18. These fluctuations of pressure are, at least over land surfaces, intimately connected with certain definite cloud-formation, especially where there are no very strong horizontal currents. These will be treated of when we come to speak of the cloud-forms

of the globe. It will, however, be seen here that the morning and evening maxima will generally coincide with the least amount of cloud, because in the first the increase of vapour-tension is not rapid enough to enable the resistance of the upper strata to be overcome by an ascensional current, and because in the second case descending currents exist which cause evaporation of water particles. The afternoon minimum, however, frequently coincides, over those land surfaces which are not extremely arid, with the maximum formation of "Inversion" clouds, and therefore of precipitation.

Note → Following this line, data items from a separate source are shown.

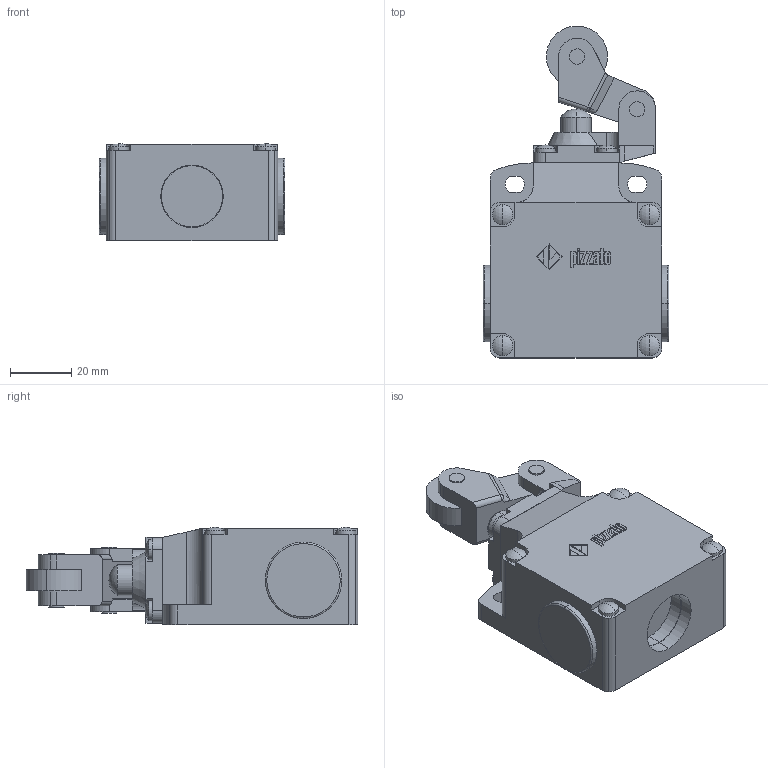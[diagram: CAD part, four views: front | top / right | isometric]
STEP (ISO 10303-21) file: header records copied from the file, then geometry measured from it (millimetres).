
FILE_DESCRIPTION (( 'STEP AP214' ), '1' );
FILE_NAME ('ZF_STEP_FL_x02_A10.step', '2014-04-10T09:03:47', ( 'utente' ), ( 'Microsoft' ), 'SwSTEP 2.0', 'SolidWorks 2013', '' );
FILE_SCHEMA (( 'AUTOMOTIVE_DESIGN' ));
Length unit declared in the file: millimetre
Products named in the file (7): ZF_STEP_VF_T02_A10; Pizzato_Pistoncino_T01; Pizzato_Leva_T02_LEVA_T02; Pizzato_Supporto_T02_Supporto_T02; Pizzato_Tappo_Protezione_PG13_M20_PG13; Pizzato_Custodia_FL; ZF_STEP_FL_x02_A10
Assembly tree (7 placements, depth 3):
  ZF_STEP_FL_x02_A10
    Pizzato_Custodia_FL
    Pizzato_Tappo_Protezione_PG13_M20_PG13  x2
    ZF_STEP_VF_T02_A10
      Pizzato_Supporto_T02_Supporto_T02
      Pizzato_Leva_T02_LEVA_T02
      Pizzato_Pistoncino_T01
Bounding box: 60.8 x 108.52 x 31.8 mm (x, y, z)
Volume: 117199.3 mm3; surface area: 28635.6 mm2
Topology: 6 solids, 6 shells, 507 faces, 1305 edges, 861 vertices
Faces by surface type: plane 287, cylinder 122, bspline 73, sphere 20, torus 4, cone 1
Entity records: 18795 total; most frequent: CARTESIAN_POINT 6638, ORIENTED_EDGE 2574, DIRECTION 2251, EDGE_CURVE 1287, VECTOR 875, LINE 875, VERTEX_POINT 851, AXIS2_PLACEMENT_3D 688
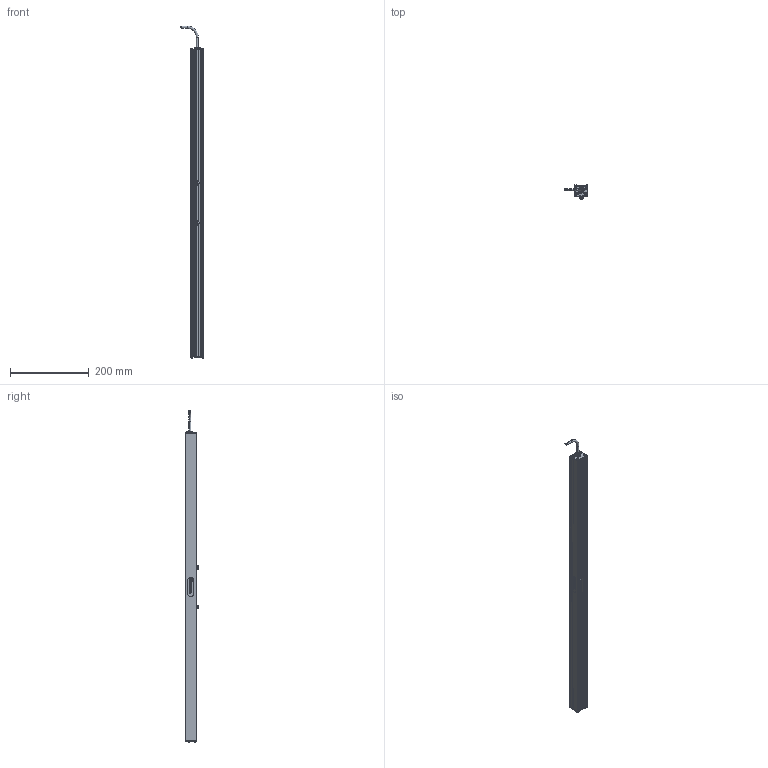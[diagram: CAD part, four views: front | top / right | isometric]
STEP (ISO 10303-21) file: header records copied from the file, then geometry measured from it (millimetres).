
FILE_DESCRIPTION (( 'STEP AP214' ), '1' );
FILE_NAME ('LL174 _NONSELAED__LL17430.stp', '2021-04-29T15:30:25', ( '' ), ( '' ), 'SwSTEP 2.0', 'SolidWorks 2018', '' );
FILE_SCHEMA (( 'AUTOMOTIVE_DESIGN' ));
Length unit declared in the file: inch
Products named in the file (12): 090928-XXX_090928-030; LL174 _NONSELAED__LL17430; 092408_TRUNCATED; CHM6x8_91460A312; 096591-XX_096591-30; 091053; 116-02-006; HN-M6_90592A016; 093145_93701A253; 1157 (no strap); 116-02-007
Assembly tree (21 placements, depth 3):
  LL174 _NONSELAED__LL17430
    096591-XX_096591-30
    116-02-007
    1157 (no strap)
    093145_93701A253  x8
    HN-M6_90592A016  x2
    CHM6x8_91460A312  x2
    090928-XXX_090928-030
    116-02-006
    091053  x2
      091053
    092408_TRUNCATED
Bounding box: 60.69 x 35.06 x 843.46 mm (x, y, z)
Volume: 270729.2 mm3; surface area: 266934.8 mm2
Topology: 28 solids, 28 shells, 1802 faces, 4720 edges, 2983 vertices
Faces by surface type: cylinder 839, plane 545, cone 249, bspline 102, torus 59, sphere 8
Entity records: 31047 total; most frequent: CARTESIAN_POINT 9882, ORIENTED_EDGE 3780, DIRECTION 3351, EDGE_CURVE 1890, VERTEX_POINT 1228, AXIS2_PLACEMENT_3D 1132, VECTOR 1087, LINE 1087

It may also be mentioned that wherever there are, owing to geographical position, upper currents of considerable velocity, unaffected by the heating of the lower layers of air, the rapid nocturnal cooling of the middle and upper strata tends to produce high night cloud of Inclination and Interfret types. In such cases we frequently observe the greatest amount of cloud and also of precipitation in the hours of the night. This is particularly the case upon and in the neighbourhood of high mountains, the nocturnal radiation from which tends to lower the temperature of the surrounding atmosphere.